<h1>Table of Contents<span class="tocSkip"></span></h1>
<div class="toc"><ul class="toc-item"><li><span><a href="#About" data-toc-modified-id="About-1"><span class="toc-item-num">1&nbsp;&nbsp;</span>About</a></span></li><li><span><a href="#Setup" data-toc-modified-id="Setup-2"><span class="toc-item-num">2&nbsp;&nbsp;</span>Setup</a></span><ul class="toc-item"><li><span><a href="#Import" data-toc-modified-id="Import-2.1"><span class="toc-item-num">2.1&nbsp;&nbsp;</span>Import</a></span></li><li><span><a href="#Initialization" data-toc-modified-id="Initialization-2.2"><span class="toc-item-num">2.2&nbsp;&nbsp;</span>Initialization</a></span></li></ul></li><li><span><a href="#Get-Good-Book-Links" data-toc-modified-id="Get-Good-Book-Links-3"><span class="toc-item-num">3&nbsp;&nbsp;</span>Get Good Book Links</a></span><ul class="toc-item"><li><span><a href="#Save-Book-Links" data-toc-modified-id="Save-Book-Links-3.1"><span class="toc-item-num">3.1&nbsp;&nbsp;</span>Save Book Links</a></span></li></ul></li><li><span><a href="#Extract-Download-Links" data-toc-modified-id="Extract-Download-Links-4"><span class="toc-item-num">4&nbsp;&nbsp;</span>Extract Download Links</a></span><ul class="toc-item"><li><span><a href="#Save-Download-Links" data-toc-modified-id="Save-Download-Links-4.1"><span class="toc-item-num">4.1&nbsp;&nbsp;</span>Save Download Links</a></span></li></ul></li></ul></div>

# About

In the following, LibriVox is scraped for good data points. 
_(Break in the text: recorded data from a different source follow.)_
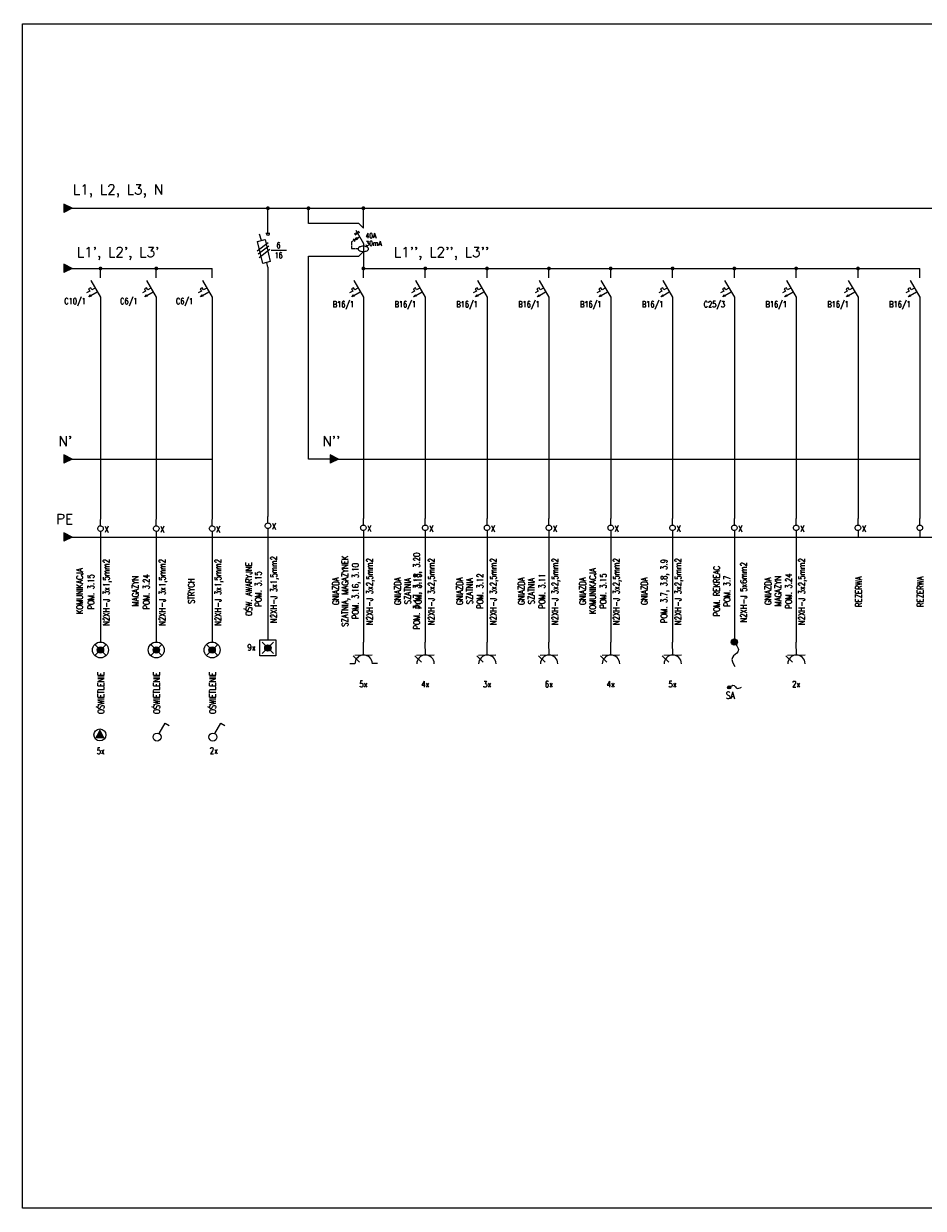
# Model space of a CAD drawing. Extents: x 2235 to 3915, y -856 to -559.
# Tile 3 of 7: x 2655 to 2881, y -856 to -559. Entities that reach past the tile are written whole.
import ezdxf
from ezdxf.enums import TextEntityAlignment as Align

# ---------------------------------------------------------------- set-up
doc = ezdxf.new("R2010")
doc.units = 0
doc.header["$MEASUREMENT"] = 0
for name, pattern in [('DASHED', [19.05, 12.7, -6.35]), ('HIDDEN', [0.375, 0.25, -0.125]), ('PIS1$025', [0]), ('PIS1$035', [0]), ('PIS1$10', [0])]:
    doc.linetypes.add(name, pattern=pattern)
for name, color, linetype in [('$TYPFIL_380V', 1, 'PIS1$025'), ('_E_aparaty', 7, 'Continuous'), ('_E_OSW', 7, 'Continuous'), ('A', 1, 'PIS1$025'), ('ATTEXT', 4, 'Continuous'), ('E_LOAD CIRCUIT', 7, 'Continuous'), ('E_OSW_PB', 240, 'Continuous'), ('E_PW', 255, 'DASHED'), ('E_PW-txt', 240, 'Continuous'), ('MODBUS RTU', 4, 'Continuous'), ('przewody', 7, 'Continuous'), ('WSCAD', 7, 'Continuous')]:
    doc.layers.add(name, color=color, linetype=linetype)
doc.styles.add('_ELEKTRYCZNY', font='romans.shx', dxfattribs={"width": 0.7})
doc.styles.add('ROMANS', font='romans.shx', dxfattribs={"width": 0.8})

# ---------------------------------------------------------------- blocks, each defined once
blk = doc.blocks.new('BEZPIECZNIK_3FAZY')
for p, q in [((0, -14.1), (0, 0)), ((-5.7, -20.9), (-7.4, -15.3)), ((-1.9, -14.2), (1.8, -14.2)), ((-9.5, -29.8), (0.1, -22.5)), ((-8.7, -32.7), (0.9, -25.4)), ((-7.8, -35.8), (1.8, -28.4)), ((3, -29.2), (16.5, -29.2)), ((0, -44.3), (-1, -40.3)), ((0, -44.3), (0, -50))]:
    blk.add_line(p, q)
blk.add_lwpolyline([(-9.1, -21.7), (-2.5, -20), (2, -39.4), (-4.6, -41.1)], close=True)
blk.add_circle((0, -15.4), 1.03)
at = {"style": 'ROMANS', "width": 0.8, "flags": 4}
blk.add_attdef('NR', text='', height=6, dxfattribs=at).set_placement((-12, -18.5), align=Align.RIGHT)
blk.add_attdef('TYP', (3.4, -17.7), '', height=5, dxfattribs=at)
for tag, p in [('WK', (9.4, -27.5)), ('PB', (9.4, -36.4))]:
    blk.add_attdef(tag, text='', height=5, dxfattribs=at).set_placement(p, align=Align.CENTER)
blk = doc.blocks.new('ZAC-1_ZA1')
at = {"color": 1, "linetype": 'PIS1$035'}
for p, q in [((0.000002, 0.3), (0.000008, 1)), ((-0.000002, -0.3), (-0.000008, -1))]:
    blk.add_line(p, q, dxfattribs=at)
blk.add_lwpolyline([(-0.3, 0.000002), (-0.290999, 0.075002), (-0.262999, 0.144002), (-0.218998, 0.205002), (-0.160998, 0.253001), (-0.092998, 0.285001), (-0.018998, 0.299), (0.056002, 0.295), (0.128002, 0.270999), (0.191002, 0.230998), (0.243001, 0.175998), (0.279001, 0.109998), (0.298, 0.037998), (0.298, -0.038003), (0.278999, -0.110002), (0.242999, -0.176002), (0.190998, -0.231002), (0.127998, -0.271001), (0.055998, -0.295001), (-0.019003, -0.299), (-0.093002, -0.284999), (-0.161002, -0.252999), (-0.219002, -0.204998), (-0.263001, -0.144998), (-0.291001, -0.074998), (-0.3, 0.000002)], dxfattribs=at)
at = {"color": 1, "flags": 3}
for p in [(0, 1), (0, -1)]:
    blk.add_attdef('#PT_L_1', p, '', height=1, dxfattribs=at)
at = {"flags": 3}
for tag, p in [('$LIB1', (1, 1)), ('$LIB2', (1, 1)), ('$NOMENC', (1, 1)), ('$REP_UNIQ', (1, 1)), ('$PASSANT', (1, 1)), ('$FONCTION', (1, 1)), ('$CLASSE', (1, 1)), ('$BOITE', (1, 1)), ('$ORIGINE', (0, 0))]:
    blk.add_attdef(tag, p, '', height=1, dxfattribs=at)
at = {"color": 0, "width": 0.7}
for tag, p in [('$ZACISK', (0.3, 0.25)), ('$LISTWA', (0.3, -0.75))]:
    blk.add_attdef(tag, p, '', height=0.5, dxfattribs=at)
blk = doc.blocks.new('*X19')
at = {"color": 0}
for p, q in [((44.28, -32.97), (44.26, -32.94)), ((44.28, -32.97), (44.96, -32.29)), ((44.42, -32.93), (44.35, -32.85)), ((44.56, -32.89), (44.44, -32.77)), ((44.53, -32.9), (45.02, -32.4)), ((44.69, -32.85), (44.53, -32.68)), ((44.83, -32.81), (44.61, -32.59)), ((44.97, -32.77), (44.7, -32.51)), ((44.78, -32.83), (45.09, -32.52)), ((45.11, -32.73), (44.79, -32.42)), ((45.12, -32.56), (44.88, -32.33)), ((45.03, -32.75), (45.15, -32.63))]:
    blk.add_line(p, q, dxfattribs=at)
blk = doc.blocks.new('ESKA_1FAZA')
for p, q in [((0, -7.73), (0, 0)), ((-8.8, -18.58), (-11.4, -20.08)), ((-8.07, -15.85), (-9.8, -16.85)), ((-9.8, -16.85), (-8.8, -18.58)), ((-7.07, -17.58), (-8.07, -15.85)), ((-8, -9.87), (0, -23.73)), ((-7.84, -22.24), (-2.64, -19.24)), ((-4.47, -16.08), (-7.07, -17.58)), ((-9.57, -23.24), (-8.09, -21.81)), ((-7.59, -22.67), (-9.57, -23.24)), ((-8.09, -21.81), (-7.59, -22.67)), ((0, -23.73), (0, -35))]:
    blk.add_line(p, q)
at = {"const_width": 0.4}
blk.add_lwpolyline([(-8, -9.87), (0, -23.73)], dxfattribs=at)
at = {"xscale": 2, "yscale": 2, "zscale": 2}
blk.add_blockref('*X19', (-97.98, 42.74), dxfattribs=at)
at = {"style": 'ROMANS', "width": 0.8}
for tag, p in [('NR', (1.58, -10.9)), ('TYP', (1.58, -18.99)), ('PAR', (1.58, -27.09))]:
    blk.add_attdef(tag, p, '', height=5, dxfattribs=at)
blk = doc.blocks.new('*X15')
at = {"color": 0}
for p, q in [((86.42, 151.16), (86.36, 151.22)), ((86.44, 151.32), (87.27, 152.15)), ((86.58, 151.19), (86.44, 151.32)), ((86.47, 151.17), (87.34, 152.04)), ((86.73, 151.21), (86.52, 151.42)), ((86.88, 151.24), (86.6, 151.52)), ((86.68, 151.21), (87.4, 151.92)), ((87.03, 151.26), (86.68, 151.61)), ((87.18, 151.29), (86.76, 151.71)), ((87.34, 151.31), (86.84, 151.81)), ((86.89, 151.24), (87.46, 151.81)), ((87.49, 151.34), (86.92, 151.9)), ((87.64, 151.36), (87, 152)), ((87.6, 151.58), (87.08, 152.1)), ((87.11, 151.28), (87.53, 151.7)), ((87.36, 152), (87.16, 152.2)), ((87.32, 151.31), (87.59, 151.59)), ((87.53, 151.34), (87.66, 151.48))]:
    blk.add_line(p, q, dxfattribs=at)
blk = doc.blocks.new('Różnicówka 1-faz')
for p, q in [((0, -27.8), (0, -6.9)), ((-9.2, -33.5), (-4.3, -30.7)), ((-8.5, -34.6), (-3.7, -31.8)), ((-8, -29.9), (0, -43.8)), ((-6.7, -38.4), (-4, -36.8)), ((-10.7, -38.8), (-9, -41.7)), ((-7.2, -37.5), (-9, -39.7)), ((-9, -39.7), (-6.1, -39.2)), ((-7.2, -37.5), (-6.1, -39.2)), ((0, -43.8), (0, -70))]:
    blk.add_line(p, q)
at = {"linetype": 'HIDDEN'}
for p, q in [((-12.5, -41.8), (-9.9, -40.2)), ((-12.5, -41.8), (-12.5, -49.3)), ((-5.5, -49.3), (-12.5, -49.3))]:
    blk.add_line(p, q, dxfattribs=at)
at = {"const_width": 0.4}
blk.add_lwpolyline([(-8, -29.9), (0, -43.8)], dxfattribs=at)
blk.add_lwpolyline([(5.4, -49.3, 0.174704), (5.1, -48.3, 0.104203), (3.8, -47.3, 0.064948), (2.2, -46.8, 0.051099), (0, -46.5, 0.051099), (-2.2, -46.8, 0.064948), (-3.9, -47.3, 0.104203), (-5.2, -48.3, 0.174704), (-5.5, -49.3, 0.174704), (-5.2, -50.2, 0.104203), (-3.9, -51.2, 0.064948), (-2.2, -51.8, 0.051099), (0, -52, 0.051099), (2.2, -51.8, 0.064948), (3.8, -51.2, 0.104203), (5.1, -50.2, 0.174704)], format="xyb", close=True)
at = {"xscale": 2, "yscale": 2, "zscale": 2}
blk.add_blockref('*X15', (-181.6, -342), dxfattribs=at)
at = {"style": 'ROMANS', "width": 0.8, "flags": 4}
for tag, p in [('TYP', (2.3, -29.9)), ('IN', (2.3, -38)), ('ID', (2.3, -46.1))]:
    blk.add_attdef(tag, p, '', height=5, dxfattribs=at)
blk = doc.blocks.new('_E_Wypust')
at = {"linetype": 'ByBlock'}
h = blk.add_hatch(color=0, dxfattribs=at)
edge = h.paths.add_edge_path()
edge.add_arc((0, 0), 0.398, 0, 360)
at = {"color": 0, "linetype": 'ByBlock'}
blk.add_circle((0, 0), 0.398, dxfattribs=at)
blk.add_spline([(0, 0), (1.23, 0.46), (1.93, -0.24), (3.08, 0.05)], degree=3, dxfattribs=at)
blk = doc.blocks.new('*U173')
h = blk.add_hatch(color=0)
edge = h.paths.add_edge_path()
edge.add_arc((0, 0), 0.8, 0, 360)
at = {"color": 0, "linetype": 'ByBlock'}
for p, q in [((1.41, 1.41), (-1.41, -1.41)), ((-1.41, 1.41), (1.41, -1.41))]:
    blk.add_line(p, q, dxfattribs=at)
blk.add_circle((0, 0), 2, dxfattribs=at)
at = {"color": 0}
blk.add_circle((0, 0), 0.8, dxfattribs=at)
blk = doc.blocks.new('_E_Czujka')
at = {"linetype": 'ByBlock', "lineweight": -2}
blk.add_hatch(color=0, dxfattribs=at).paths.add_polyline_path([(0, 1.5), (1.23, -0.86), (-1.23, -0.86)])
at = {"color": 0, "linetype": 'ByBlock', "lineweight": -2}
blk.add_circle((0, 0), 1.5, dxfattribs=at)
blk = doc.blocks.new('*U153')
at = {"color": 0, "linetype": 'ByBlock'}
for p, q in [((0.5, 0.87), (2, 3.46)), ((2, 3.46), (3.04, 2.86))]:
    blk.add_line(p, q, dxfattribs=at)
blk.add_circle((0, 0), 1, dxfattribs=at)
blk = doc.blocks.new('_E_Oprawa awaryjna z wlasnym zrodlem')
h = blk.add_hatch(color=0)
edge = h.paths.add_edge_path()
edge.add_arc((0, 0), 0.8, 0, 360)
at = {"color": 0, "linetype": 'ByBlock'}
for p, q in [((1.41, 1.41), (-1.41, -1.41)), ((-1.41, 1.41), (1.41, -1.41))]:
    blk.add_line(p, q, dxfattribs=at)
blk.add_lwpolyline([(-2, 2), (2, 2), (2, -2), (-2, -2)], close=True, dxfattribs=at)
at = {"color": 0}
blk.add_circle((0, 0), 0.8, dxfattribs=at)
blk = doc.blocks.new('*U29')
at = {"color": 0, "linetype": 'ByBlock'}
for p, q in [((2.06, 0), (0, 0)), ((2.06, -1.38), (2.06, 1.37))]:
    blk.add_line(p, q, dxfattribs=at)
at = {"color": 1, "linetype": 'ByBlock'}
blk.add_line((3.19, -0.64), (2.18, -1.65), dxfattribs=at)
at = {"color": 0, "linetype": 'ByBlock'}
blk.add_arc((3.44, 0), 1.38, 90, 270, dxfattribs=at)
at = {"color": 240, "style": '_ELEKTRYCZNY', "width": 0.8}
for tag, height, p in [('PODWOJNE_POJEDYNCZE', 1, (0.71, -2.11)), ('1', 1.4, (4.39, 0))]:
    blk.add_attdef(tag, text='', height=height, rotation=90, dxfattribs=at).set_placement(p, align=Align.MIDDLE_CENTER)

msp = doc.modelspace()

# ---------------------------------------------------------------- hatches: boundary and pattern name
at = {"layer": 'E_LOAD CIRCUIT', "lineweight": 0, "ltscale": 0.051}
h = msp.add_hatch(color=4, dxfattribs=at)
h.dxf.hatch_style = 1
h.paths.add_polyline_path([(2665.55, -666.88), (2665.55, -667.91), (2667.63, -667.91)])
h.paths.add_polyline_path([(2665.55, -667.91), (2665.55, -668.94), (2667.63, -667.91)])
h = msp.add_hatch(color=4, dxfattribs=at)
h.dxf.hatch_style = 1
h.paths.add_polyline_path([(2732.36, -666.88), (2732.36, -667.91), (2734.43, -667.91)])
h.paths.add_polyline_path([(2732.36, -667.91), (2732.36, -668.94), (2734.43, -667.91)])
at = {"layer": 'WSCAD', "linetype": 'Continuous'}
h = msp.add_hatch(color=256, dxfattribs=at)
h.dxf.hatch_style = 1
h.paths.add_polyline_path([(2665.55, -603.99), (2665.55, -605.02), (2667.63, -605.02)])
h.paths.add_polyline_path([(2665.55, -605.02), (2665.55, -606.05), (2667.63, -605.02)])
h = msp.add_hatch(color=256, dxfattribs=at)
h.dxf.hatch_style = 1
h.paths.add_polyline_path([(2665.55, -619.08), (2665.55, -620.12), (2667.63, -620.12)])
h.paths.add_polyline_path([(2665.55, -620.12), (2665.55, -621.15), (2667.63, -620.12)])
h = msp.add_hatch(color=256, dxfattribs=at)
edge = h.paths.add_edge_path()
edge.add_arc((2740.65, -620.11), 0.175, 0, 360)
h = msp.add_hatch(color=256, dxfattribs=at)
edge = h.paths.add_edge_path()
edge.add_arc((2756.16, -620.11), 0.175, 0, 360)
h = msp.add_hatch(color=256, dxfattribs=at)
edge = h.paths.add_edge_path()
edge.add_arc((2771.67, -620.11), 0.175, 0, 360)
h = msp.add_hatch(color=256, dxfattribs=at)
edge = h.paths.add_edge_path()
edge.add_arc((2787.18, -620.11), 0.175, 0, 360)
h = msp.add_hatch(color=256, dxfattribs=at)
edge = h.paths.add_edge_path()
edge.add_arc((2802.69, -620.11), 0.175, 0, 360)
h = msp.add_hatch(color=256, dxfattribs=at)
edge = h.paths.add_edge_path()
edge.add_arc((2818.2, -620.11), 0.175, 0, 360)
h = msp.add_hatch(color=256, dxfattribs=at)
edge = h.paths.add_edge_path()
edge.add_arc((2833.7, -620.11), 0.175, 0, 360)
h = msp.add_hatch(color=256, dxfattribs=at)
edge = h.paths.add_edge_path()
edge.add_arc((2849.21, -620.11), 0.175, 0, 360)
h = msp.add_hatch(color=256, dxfattribs=at)
edge = h.paths.add_edge_path()
edge.add_arc((2864.72, -620.11), 0.175, 0, 360)
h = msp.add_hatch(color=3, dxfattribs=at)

A good data point is defined as being a complete, solo project. Additionally, only one example per reader is desired.

The result is a list of links to download

# Setup
## Import

In [1]:
from selenium import webdriver
from selenium.webdriver.support.ui import WebDriverWait
from selenium.webdriver.support import expected_conditions as EC
from selenium.webdriver.common.by import By
from bs4 import BeautifulSoup
import pickle as pkl

## Initialization

In [2]:
path_chromedriver = '/anaconda3/chromedriver'
search_url = ("https://librivox.org/search?title=&author=&reader=&keywords=&genre_id=0&status=complete&project_type=solo&recorded_language=&sort_order=alpha&search_page={}&search_form=advanced")
no_pages = 322 # As of 10/06/2019

# Get Good Book Links

Scrape LibriVox for audiobooks that are complete and recorded using a single reader.

In [3]:
driver = webdriver.Chrome(path_chromedriver)
book_links = [] # List of books to download

for page in range(1,1+no_pages):
    if page%10 == 0:
        print('{} of {}'.format(page,no_pages))
        
    # Load page    
    driver.get(search_url.format(page))

    # Wait until search results have been loaded
    results_loaded = EC.presence_of_element_located((By.CLASS_NAME , "catalog-result"))
    element = WebDriverWait(driver,100).until(results_loaded)

    # Soupify HTML
    html_source = driver.page_source
    soup = BeautifulSoup(html_source,'html.parser')

    # Get results    
    results_list = soup.find('ul', {'class': 'browse-list'})
    results_links = results_list.find_all('li', {'class': 'catalog-result'})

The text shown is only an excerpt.